Doch 1976 stellte der italienische Physiker Cesare Marchetti die Theorie auf, dass CO2 eine vorteilhaftere Richtung einschlagen könnte: es unter der Erde oder im Meer zu speichern, um Veränderungen des Erdklimas zu vermeiden. Weitere Informationen zu denen, die in den 1970er Jahren über fossile Brennstoffe und den Klimawandel Bescheid wussten, aber nicht Alarm schlugen, finden Sie auch unter: ExxonMobil.

Erst 1996 wurde in Norwegen das erste große CCS-Projekt zur Emissionsreduzierung gestartet. Das mitten in der Nordsee gelegene Sleipner-Gasfeld bindet noch immer das meiste CO2 in Europa. Seitdem sind nur noch eine Handvoll Standorte hinzugekommen: Snøhvit, ein weiteres norwegisches Offshore-Projekt mit einigen wackeligen Fundamenten, Orca in Island (DAC+S) und Ravenna CCS in Italien.

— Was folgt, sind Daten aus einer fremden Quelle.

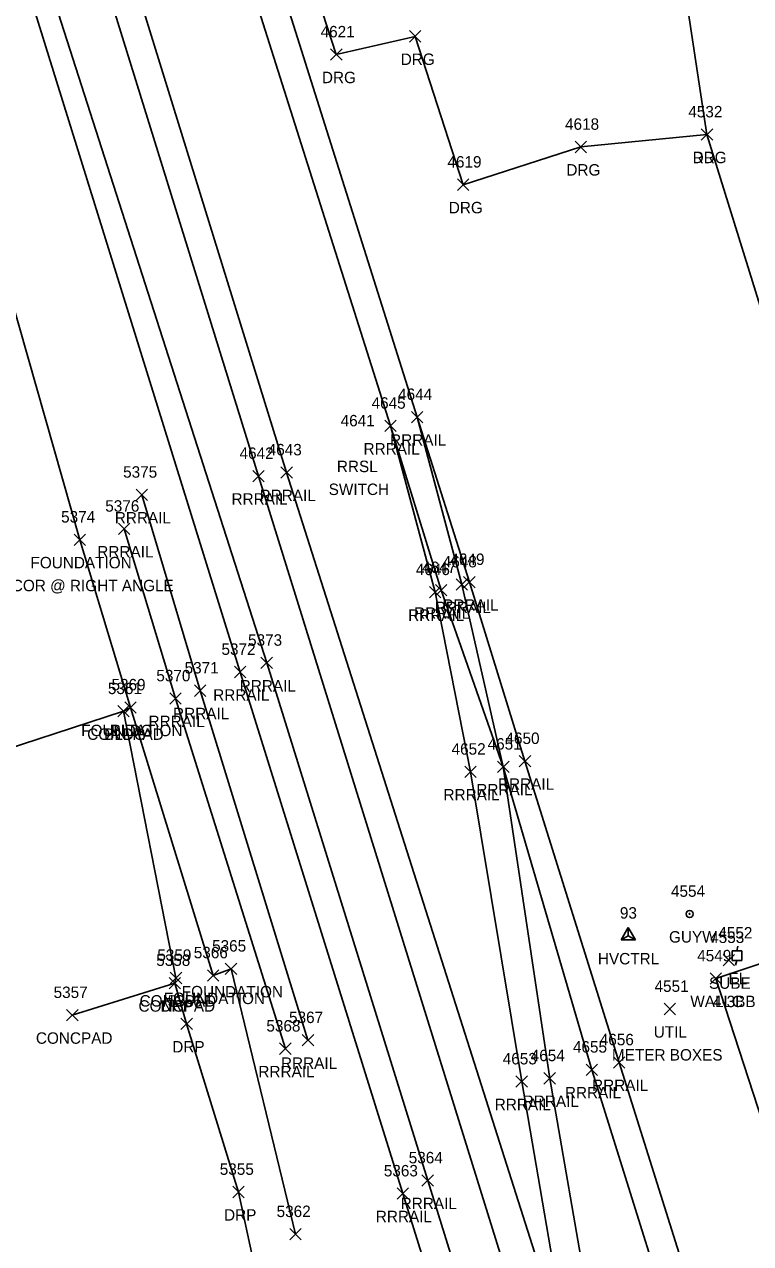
# Model space of a CAD drawing. Extents: x 1462668 to 1465147, y 550359 to 557351.
# Drawn here: x 1463839.2 to 1463966, y 554843.5 to 555056.5 of the extents above; entities that cross this region are included whole.
import ezdxf

# ---------------------------------------------------------------- set-up
doc = ezdxf.new("R2010")
doc.units = 0
for name, color, linetype in [('C_A', 7, 'Continuous'), ('C_I', 7, 'Continuous'), ('CPSM', 7, 'Continuous'), ('L_A', 7, 'Continuous'), ('L_C', 7, 'Continuous'), ('L_I', 7, 'Continuous'), ('L_TIC', 7, 'Continuous'), ('LBC', 7, 'Continuous'), ('LS', 7, 'Continuous'), ('LW', 7, 'Continuous'), ('P_A', 7, 'Continuous'), ('P_I', 7, 'Continuous'), ('P_TIC', 7, 'Continuous'), ('PEU', 7, 'Continuous'), ('R_A', 7, 'Continuous'), ('R_C', 7, 'Continuous'), ('R_I', 7, 'Continuous'), ('R_TIC', 7, 'Continuous'), ('RDG', 7, 'Continuous'), ('RDP', 7, 'Continuous'), ('RR', 7, 'Continuous'), ('U_A', 7, 'Continuous'), ('U_C', 7, 'Continuous'), ('U_I', 7, 'Continuous'), ('U_TIC', 7, 'Continuous'), ('UDEFAULT', 7, 'Continuous'), ('UEPT', 7, 'Continuous'), ('UPGW', 7, 'Continuous')]:
    doc.layers.add(name, color=color, linetype=linetype)

msp = doc.modelspace()

# ---------------------------------------------------------------- linework, layer by layer
at = {"layer": 'CPSM'}
for p, q in [((1463943.38, 554896.54), (1463944.63, 554898.7)), ((1463943.38, 554896.54), (1463944.63, 554897.26)), ((1463945.88, 554896.54), (1463944.63, 554898.7)), ((1463944.63, 554897.26), (1463944.63, 554898.7)), ((1463944.63, 554897.26), (1463944.63, 554897.26)), ((1463944.63, 554897.26), (1463945.88, 554896.54)), ((1463943.38, 554896.54), (1463945.88, 554896.54))]:
    msp.add_line(p, q, dxfattribs=at)
at = {"layer": 'L_TIC'}
for points in [[(1463847.83, 554965.46), (1463849.83, 554967.46)], [(1463849.83, 554965.46), (1463847.83, 554967.46)], [(1463856.69, 554936.14), (1463858.69, 554938.14)], [(1463858.69, 554936.14), (1463856.69, 554938.14)], [(1463856.69, 554936.14), (1463858.69, 554938.14)], [(1463858.69, 554936.14), (1463856.69, 554938.14)], [(1463855.48, 554935.49), (1463857.48, 554937.49)], [(1463857.48, 554935.49), (1463855.48, 554937.49)], [(1463855.48, 554935.49), (1463857.48, 554937.49)], [(1463857.48, 554935.49), (1463855.48, 554937.49)], [(1463864.63, 554888.89), (1463866.63, 554890.89)], [(1463866.63, 554888.89), (1463864.63, 554890.89)], [(1463871.11, 554889.33), (1463873.11, 554891.33)], [(1463873.11, 554889.33), (1463871.11, 554891.33)], [(1463874.25, 554890.5), (1463876.25, 554892.5)], [(1463876.25, 554890.5), (1463874.25, 554892.5)], [(1463864.44, 554888), (1463866.44, 554890)], [(1463866.44, 554888), (1463864.44, 554890)], [(1463958.93, 554888.8), (1463960.93, 554890.8)], [(1463960.93, 554888.8), (1463958.93, 554890.8)], [(1463846.52, 554882.39), (1463848.52, 554884.39)], [(1463848.52, 554882.39), (1463846.52, 554884.39)], [(1463885.52, 554844.12), (1463887.52, 554846.12)], [(1463887.52, 554844.12), (1463885.52, 554846.12)]]:
    msp.add_lwpolyline(points, dxfattribs=at)
at = {"layer": 'LBC'}
for points in [[(1463886.52, 554845.12), (1463875.25, 554891.5), (1463872.11, 554890.33), (1463857.69, 554937.14), (1463848.83, 554966.46), (1463829.02, 555035.91)], [(1463829.67, 554927.75), (1463856.48, 554936.49), (1463857.69, 554937.14)]]:
    msp.add_lwpolyline(points, dxfattribs=at)
at = {"layer": 'LS'}
msp.add_lwpolyline([(1463847.52, 554883.39), (1463865.44, 554889), (1463865.63, 554889.89), (1463856.48, 554936.49)], dxfattribs=at)
at = {"layer": 'LW'}
msp.add_lwpolyline([(1464001.68, 554867.3), (1463991.01, 554900.16), (1463959.93, 554889.8), (1463970.53, 554857.24)], dxfattribs=at)
at = {"layer": 'P_TIC'}
for points in [[(1463957.37, 555036.25), (1463959.37, 555038.25)], [(1463959.37, 555036.25), (1463957.37, 555038.25)]]:
    msp.add_lwpolyline(points, dxfattribs=at)
at = {"layer": 'PEU'}
msp.add_lwpolyline([(1463977.02, 555121.98), (1463973.09, 555118.65), (1463958.14, 555097.99), (1463952.41, 555076.59), (1463958.37, 555037.25), (1463974.3, 554985.88), (1463991.77, 554931.62), (1464003.96, 554890.94), (1464011.44, 554869.69), (1464014.63, 554855.08), (1464021.09, 554834.4), (1464036.69, 554798.98), (1464052.01, 554759.21), (1464073.2, 554710.63), (1464082.37, 554701.78), (1464089.9, 554691.06)], dxfattribs=at)
at = {"layer": 'R_TIC'}
for points in [[(1463906.39, 555053.41), (1463908.39, 555055.41)], [(1463908.39, 555053.41), (1463906.39, 555055.41)], [(1463892.63, 555050.23), (1463894.63, 555052.23)], [(1463894.63, 555050.23), (1463892.63, 555052.23)], [(1463957.37, 555036.25), (1463959.37, 555038.25)], [(1463959.37, 555036.25), (1463957.37, 555038.25)], [(1463935.32, 555034.08), (1463937.32, 555036.08)], [(1463937.32, 555034.08), (1463935.32, 555036.08)], [(1463914.79, 555027.49), (1463916.79, 555029.49)], [(1463916.79, 555027.49), (1463914.79, 555029.49)], [(1463906.74, 554986.88), (1463908.74, 554988.88)], [(1463908.74, 554986.88), (1463906.74, 554988.88)], [(1463906.74, 554986.88), (1463908.74, 554988.88)], [(1463908.74, 554986.88), (1463906.74, 554988.88)], [(1463902.09, 554985.35), (1463904.09, 554987.35)], [(1463904.09, 554985.35), (1463902.09, 554987.35)], [(1463902.09, 554985.35), (1463904.09, 554987.35)], [(1463904.09, 554985.35), (1463902.09, 554987.35)], [(1463879.04, 554976.58), (1463881.04, 554978.58)], [(1463881.04, 554976.58), (1463879.04, 554978.58)], [(1463883.96, 554977.2), (1463885.96, 554979.2)], [(1463885.96, 554977.2), (1463883.96, 554979.2)], [(1463858.66, 554973.3), (1463860.66, 554975.3)], [(1463860.66, 554973.3), (1463858.66, 554975.3)], [(1463855.6, 554967.36), (1463857.6, 554969.36)], [(1463857.6, 554967.36), (1463855.6, 554969.36)], [(1463914.54, 554957.63), (1463916.54, 554959.63)], [(1463916.54, 554957.63), (1463914.54, 554959.63)], [(1463915.87, 554958.05), (1463917.87, 554960.05)], [(1463917.87, 554958.05), (1463915.87, 554960.05)], [(1463909.88, 554956.28), (1463911.88, 554958.28)], [(1463911.88, 554956.28), (1463909.88, 554958.28)], [(1463910.93, 554956.64), (1463912.93, 554958.64)], [(1463912.93, 554956.64), (1463910.93, 554958.64)], [(1463875.84, 554942.34), (1463877.84, 554944.34)], [(1463877.84, 554942.34), (1463875.84, 554944.34)], [(1463880.48, 554943.94), (1463882.48, 554945.94)], [(1463882.48, 554943.94), (1463880.48, 554945.94)], [(1463868.84, 554939.09), (1463870.84, 554941.09)], [(1463870.84, 554939.09), (1463868.84, 554941.09)], [(1463864.55, 554937.72), (1463866.55, 554939.72)], [(1463866.55, 554937.72), (1463864.55, 554939.72)], [(1463921.8, 554925.79), (1463923.8, 554927.79)], [(1463923.8, 554925.79), (1463921.8, 554927.79)], [(1463921.8, 554925.79), (1463923.8, 554927.79)], [(1463923.8, 554925.79), (1463921.8, 554927.79)], [(1463925.58, 554926.77), (1463927.58, 554928.77)], [(1463927.58, 554926.77), (1463925.58, 554928.77)], [(1463916.06, 554924.91), (1463918.06, 554926.91)], [(1463918.06, 554924.91), (1463916.06, 554926.91)], [(1463864.44, 554888), (1463866.44, 554890)], [(1463866.44, 554888), (1463864.44, 554890)], [(1463866.49, 554880.87), (1463868.49, 554882.87)], [(1463868.49, 554880.87), (1463866.49, 554882.87)], [(1463883.73, 554876.53), (1463885.73, 554878.53)], [(1463885.73, 554876.53), (1463883.73, 554878.53)], [(1463887.68, 554878.01), (1463889.68, 554880.01)], [(1463889.68, 554878.01), (1463887.68, 554880.01)], [(1463942.02, 554874.13), (1463944.02, 554876.13)], [(1463944.02, 554874.13), (1463942.02, 554876.13)], [(1463937.27, 554872.85), (1463939.27, 554874.85)], [(1463939.27, 554872.85), (1463937.27, 554874.85)], [(1463925.01, 554870.79), (1463927.01, 554872.79)], [(1463927.01, 554870.79), (1463925.01, 554872.79)], [(1463929.9, 554871.35), (1463931.9, 554873.35)], [(1463931.9, 554871.35), (1463929.9, 554873.35)], [(1463908.59, 554853.5), (1463910.59, 554855.5)], [(1463910.59, 554853.5), (1463908.59, 554855.5)], [(1463875.54, 554851.49), (1463877.54, 554853.49)], [(1463877.54, 554851.49), (1463875.54, 554853.49)], [(1463904.24, 554851.22), (1463906.24, 554853.22)], [(1463906.24, 554851.22), (1463904.24, 554853.22)]]:
    msp.add_lwpolyline(points, dxfattribs=at)
at = {"layer": 'RDG'}
msp.add_lwpolyline([(1463958.37, 555037.25), (1463936.32, 555035.08), (1463915.79, 555028.49), (1463907.39, 555054.41), (1463893.63, 555051.23), (1463886.49, 555073.14), (1463897.23, 555079.63), (1463893.44, 555086.15)], dxfattribs=at)
at = {"layer": 'RDP'}
msp.add_lwpolyline([(1463855.68, 554825.71), (1463880.62, 554833.62), (1463876.54, 554852.49), (1463867.49, 554881.87), (1463865.44, 554889)], dxfattribs=at)
at = {"layer": 'RR'}
for points in [[(1464068.04, 554374.98), (1464055.46, 554404.32), (1464039.01, 554443.8), (1464024.09, 554484.31), (1464013.79, 554515.47), (1464000.85, 554558.32), (1464006.38, 554539.99), (1463979.74, 554627.83), (1463964.61, 554676.43), (1463938.98, 554759.99), (1463909.59, 554854.5), (1463881.48, 554944.94), (1463834.38, 555091.6), (1463798.97, 555209.76), (1463789, 555236.67), (1463775.2, 555267.76), (1463763.71, 555290.58), (1463750.83, 555310.72), (1463723.18, 555347), (1463703.12, 555368.52), (1463694.48, 555375.82), (1463665.3, 555397.88), (1463641.61, 555412.58), (1463616.53, 555425.74)], [(1464091.14, 554300.98), (1464077.98, 554337.39), (1464063.58, 554373.28), (1464050.89, 554402.42), (1464034.06, 554442.51), (1464019.33, 554482.64), (1464008.95, 554512.85), (1463996.09, 554556.87), (1464001.62, 554538.85), (1463975.43, 554626.3), (1463959.93, 554675.29), (1463934.88, 554757.03), (1463905.24, 554852.22), (1463876.84, 554943.34), (1463831.06, 555090.47)], [(1463873.04, 555081.28), (1463903.09, 554986.35), (1463910.88, 554957.28), (1463917.06, 554925.91), (1463926.01, 554871.79), (1463932.83, 554832.01), (1463937.54, 554812.67), (1463944.43, 554776.16), (1463954.64, 554735.56)], [(1463877.95, 555082.45), (1463907.74, 554987.88), (1463915.54, 554958.63), (1463922.8, 554926.79), (1463930.9, 554872.35), (1463937.62, 554833.64), (1463949.09, 554777.85), (1463959.81, 554737.53)], [(1463850.06, 555074.38), (1463880.04, 554977.58), (1463932.2, 554809.71), (1463943.16, 554774.67), (1463954.64, 554735.56), (1463990.29, 554624.49), (1464015.99, 554541.81), (1464042.1, 554458.26), (1464062.32, 554393.19), (1464091.14, 554300.98), (1464102.17, 554266.37), (1464124.36, 554193.97), (1464139.43, 554145.85)], [(1463854.77, 555075.73), (1463884.96, 554978.2), (1463937.54, 554812.67), (1463947.38, 554777.45), (1463959.81, 554737.53), (1463994.67, 554626.25), (1464020.78, 554543.28), (1464046.58, 554460.26), (1464067.16, 554394.26), (1464095.98, 554302.5), (1464068.04, 554374.98), (1464107.64, 554269.76), (1464129.09, 554195.5), (1464144.12, 554146.47)], [(1463907.74, 554987.88), (1463916.87, 554959.05), (1463926.58, 554927.77), (1463943.02, 554875.13), (1463961.99, 554814.64), (1463993.64, 554713.03), (1464017.99, 554636.01), (1464045.84, 554548.28), (1464070.42, 554471.08), (1464074.34, 554457.52), (1464082.47, 554428.02), (1464088.66, 554402.47), (1464094.98, 554367.85), (1464100.46, 554330.35), (1464105.16, 554300.33), (1464110.91, 554269.75), (1464118.42, 554235.72), (1464129.09, 554195.5)], [(1463903.09, 554986.35), (1463911.93, 554957.64), (1463922.8, 554926.79), (1463938.27, 554873.85), (1463957.29, 554812.95), (1463986.25, 554711.06), (1464013.59, 554633.72), (1464039.5, 554552.56), (1464065.49, 554469.18), (1464069.78, 554456.42), (1464077.64, 554426.54), (1464083.75, 554401.86), (1464090.16, 554367.17), (1464095.16, 554330.19), (1464100.52, 554298.4), (1464107.64, 554269.76), (1464113.53, 554234.63), (1464124.36, 554193.97)], [(1463888.68, 554879.01), (1463869.84, 554940.09), (1463859.66, 554974.3)], [(1463884.73, 554877.53), (1463865.55, 554938.72), (1463856.6, 554968.36)]]:
    msp.add_lwpolyline(points, dxfattribs=at)
at = {"layer": 'U_TIC'}
for points in [[(1463961.19, 554892), (1463963.19, 554894)], [(1463963.19, 554892), (1463961.19, 554894)]]:
    msp.add_lwpolyline(points, dxfattribs=at)
at = {"layer": 'UDEFAULT'}
for points in [[(1463950.9, 554883.46), (1463952.9, 554885.46)], [(1463952.9, 554883.46), (1463950.9, 554885.46)]]:
    msp.add_lwpolyline(points, dxfattribs=at)
at = {"layer": 'UEPT'}
for p, q in [((1463963.77, 554895.45), (1463963.61, 554894.62)), ((1463962.77, 554892.95), (1463962.77, 554894.62)), ((1463962.77, 554894.62), (1463964.44, 554894.62)), ((1463963.61, 554893.79), (1463963.61, 554893.79)), ((1463964.44, 554894.62), (1463964.44, 554892.95)), ((1463964.44, 554892.95), (1463962.77, 554892.95)), ((1463963.36, 554892.12), (1463963.61, 554892.95))]:
    msp.add_line(p, q, dxfattribs=at)
at = {"layer": 'UPGW'}
for radius in [0.625, 0.0833]:
    msp.add_circle((1463955.34, 554901.07), radius, dxfattribs=at)

# ---------------------------------------------------------------- texts
at = {"layer": 'C_A'}
msp.add_text('HVCTRL', height=2, dxfattribs=at).set_placement((1463939.32, 554892.26))
at = {"layer": 'C_I'}
msp.add_text('93', height=2, dxfattribs=at).set_placement((1463943.16, 554900.26))
at = {"layer": 'L_A'}
for s, p in [('FOUNDATION', (1463840.22, 554961.46)), ('FOUNDATION', (1463849.08, 554932.14)), ('CONCPAD', (1463850.12, 554931.49)), ('BLDG', (1463853.07, 554931.49)), ('BLDG', (1463854.28, 554932.14)), ('CONCPAD', (1463859.28, 554884.89)), ('FOUNDATION', (1463863.5, 554885.33)), ('FOUNDATION', (1463866.64, 554886.5)), ('WALLC', (1463955.46, 554884.8)), ('CONCPAD', (1463859.09, 554884)), ('CONCPAD', (1463841.17, 554878.39))]:
    msp.add_text(s, height=2, dxfattribs=at).set_placement(p)
at = {"layer": 'L_C'}
msp.add_text('BLDG COR @ RIGHT ANGLE', height=2, dxfattribs=at).set_placement((1463828.94, 554957.46))
at = {"layer": 'L_I'}
for s, p in [('5374', (1463845.57, 554969.46)), ('5369', (1463854.37, 554940.14)), ('5369', (1463854.37, 554940.14)), ('5361', (1463853.74, 554939.49)), ('5361', (1463853.74, 554939.49)), ('5366', (1463868.74, 554893.33)), ('5365', (1463871.94, 554894.5)), ('5358', (1463862.18, 554892)), ('5359', (1463862.37, 554892.89)), ('4549', (1463956.66, 554892.8)), ('5357', (1463844.26, 554886.39)), ('5362', (1463883.21, 554848.12))]:
    msp.add_text(s, height=2, dxfattribs=at).set_placement(p)
at = {"layer": 'P_A'}
msp.add_text('RDG', height=2, dxfattribs=at).set_placement((1463955.86, 555032.25))
at = {"layer": 'P_I'}
msp.add_text('4532', height=2, dxfattribs=at).set_placement((1463955.11, 555040.25))
at = {"layer": 'R_A'}
for s, p in [('DRG', (1463904.88, 555049.41)), ('DRG', (1463891.12, 555046.23)), ('DRG', (1463955.86, 555032.25)), ('DRG', (1463933.81, 555030.08)), ('DRG', (1463913.28, 555023.49)), ('RRRAIL', (1463903.03, 554982.88)), ('RRRAIL', (1463903.03, 554982.88)), ('RRRAIL', (1463898.39, 554981.35)), ('RRRAIL', (1463898.39, 554981.35)), ('RRSL', (1463893.73, 554978.27)), ('RRRAIL', (1463875.33, 554972.58)), ('RRRAIL', (1463880.25, 554973.2)), ('RRRAIL', (1463854.95, 554969.3)), ('RRRAIL', (1463851.89, 554963.36)), ('RRRAIL', (1463910.83, 554953.63)), ('RRRAIL', (1463912.16, 554954.05)), ('RRRAIL', (1463906.18, 554952.28)), ('RRRAIL', (1463907.22, 554952.64)), ('RRRAIL', (1463872.13, 554938.34)), ('RRRAIL', (1463876.77, 554939.94)), ('RRRAIL', (1463860.84, 554933.72)), ('RRRAIL', (1463865.13, 554935.09)), ('RRRAIL', (1463912.35, 554920.91)), ('RRRAIL', (1463918.09, 554921.79)), ('RRRAIL', (1463918.09, 554921.79)), ('RRRAIL', (1463921.87, 554922.77)), ('DRP', (1463862.93, 554884)), ('DRP', (1463864.98, 554876.87)), ('RRRAIL', (1463883.97, 554874.01)), ('RRRAIL', (1463880.02, 554872.53)), ('RRRAIL', (1463938.31, 554870.13)), ('RRRAIL', (1463933.56, 554868.85)), ('RRRAIL', (1463921.3, 554866.79)), ('RRRAIL', (1463926.19, 554867.35)), ('RRRAIL', (1463904.88, 554849.5)), ('DRP', (1463874.03, 554847.49)), ('RRRAIL', (1463900.53, 554847.22))]:
    msp.add_text(s, height=2, dxfattribs=at).set_placement(p)
at = {"layer": 'R_C'}
msp.add_text('SWITCH', height=2, dxfattribs=at).set_placement((1463892.3, 554974.27))
at = {"layer": 'R_I'}
for s, p in [('4621', (1463890.89, 555054.23)), ('4532', (1463955.11, 555040.25)), ('4618', (1463933.58, 555038.08)), ('4619', (1463913.04, 555031.49)), ('4645', (1463899.79, 554989.35)), ('4645', (1463899.79, 554989.35)), ('4644', (1463904.43, 554990.88)), ('4644', (1463904.43, 554990.88)), ('4641', (1463894.39, 554986.27)), ('4642', (1463876.73, 554980.58)), ('4643', (1463881.65, 554981.2)), ('5375', (1463856.4, 554977.3)), ('5376', (1463853.28, 554971.36)), ('4648', (1463912.23, 554961.63)), ('4649', (1463913.56, 554962.05)), ('4646', (1463907.52, 554960.28)), ('4647', (1463908.62, 554960.64)), ('5372', (1463873.58, 554946.34)), ('5373', (1463878.22, 554947.94)), ('5371', (1463867.14, 554943.09)), ('5370', (1463862.2, 554941.72)), ('4651', (1463920.06, 554929.79)), ('4651', (1463920.06, 554929.79)), ('4650', (1463923.18, 554930.77)), ('4652', (1463913.76, 554928.91)), ('5358', (1463862.18, 554892)), ('5356', (1463864.18, 554884.87)), ('5368', (1463881.42, 554880.53)), ('5367', (1463885.38, 554882.01)), ('4655', (1463934.96, 554876.85)), ('4656', (1463939.65, 554878.13)), ('4653', (1463922.7, 554874.79)), ('4654', (1463927.59, 554875.35)), ('5364', (1463906.28, 554857.5)), ('5355', (1463873.28, 554855.49)), ('5363', (1463901.93, 554855.22))]:
    msp.add_text(s, height=2, dxfattribs=at).set_placement(p)
at = {"layer": 'U_A'}
for s, p in [('GUYW', (1463951.74, 554896.07)), ('SUBE', (1463958.73, 554888)), ('EL', (1463962.14, 554888.79)), ('UTIL', (1463949.07, 554879.46))]:
    msp.add_text(s, height=2, dxfattribs=at).set_placement(p)
at = {"layer": 'U_C'}
for s, p in [('4-3BB', (1463959.43, 554884.79)), ('METER BOXES', (1463941.77, 554875.46))]:
    msp.add_text(s, height=2, dxfattribs=at).set_placement(p)
at = {"layer": 'U_I'}
for s, p in [('4554', (1463952.08, 554904.07)), ('4553', (1463958.93, 554896)), ('4552', (1463960.35, 554896.79)), ('4551', (1463949.21, 554887.46))]:
    msp.add_text(s, height=2, dxfattribs=at).set_placement(p)

doc.saveas('drawing.dxf')

Angesichts dieser Zurückhaltung bleibt die Frage: Warum ist CCS unter dem Deckmantel des Rettertums wieder auf den Plan getreten?

Welchen Stellenwert hat die Kohlenstoffabscheidung und -speicherung erlangt?

Belén Balanyá, Forscherin und Aktivistin am Corporate Europe Observatory (CEO), verfolgt seit 25 Jahren die Lobbybemühungen der Industrie für fossile Brennstoffe – was zu ihrem neueren Schwerpunkt auf CCS geführt hat.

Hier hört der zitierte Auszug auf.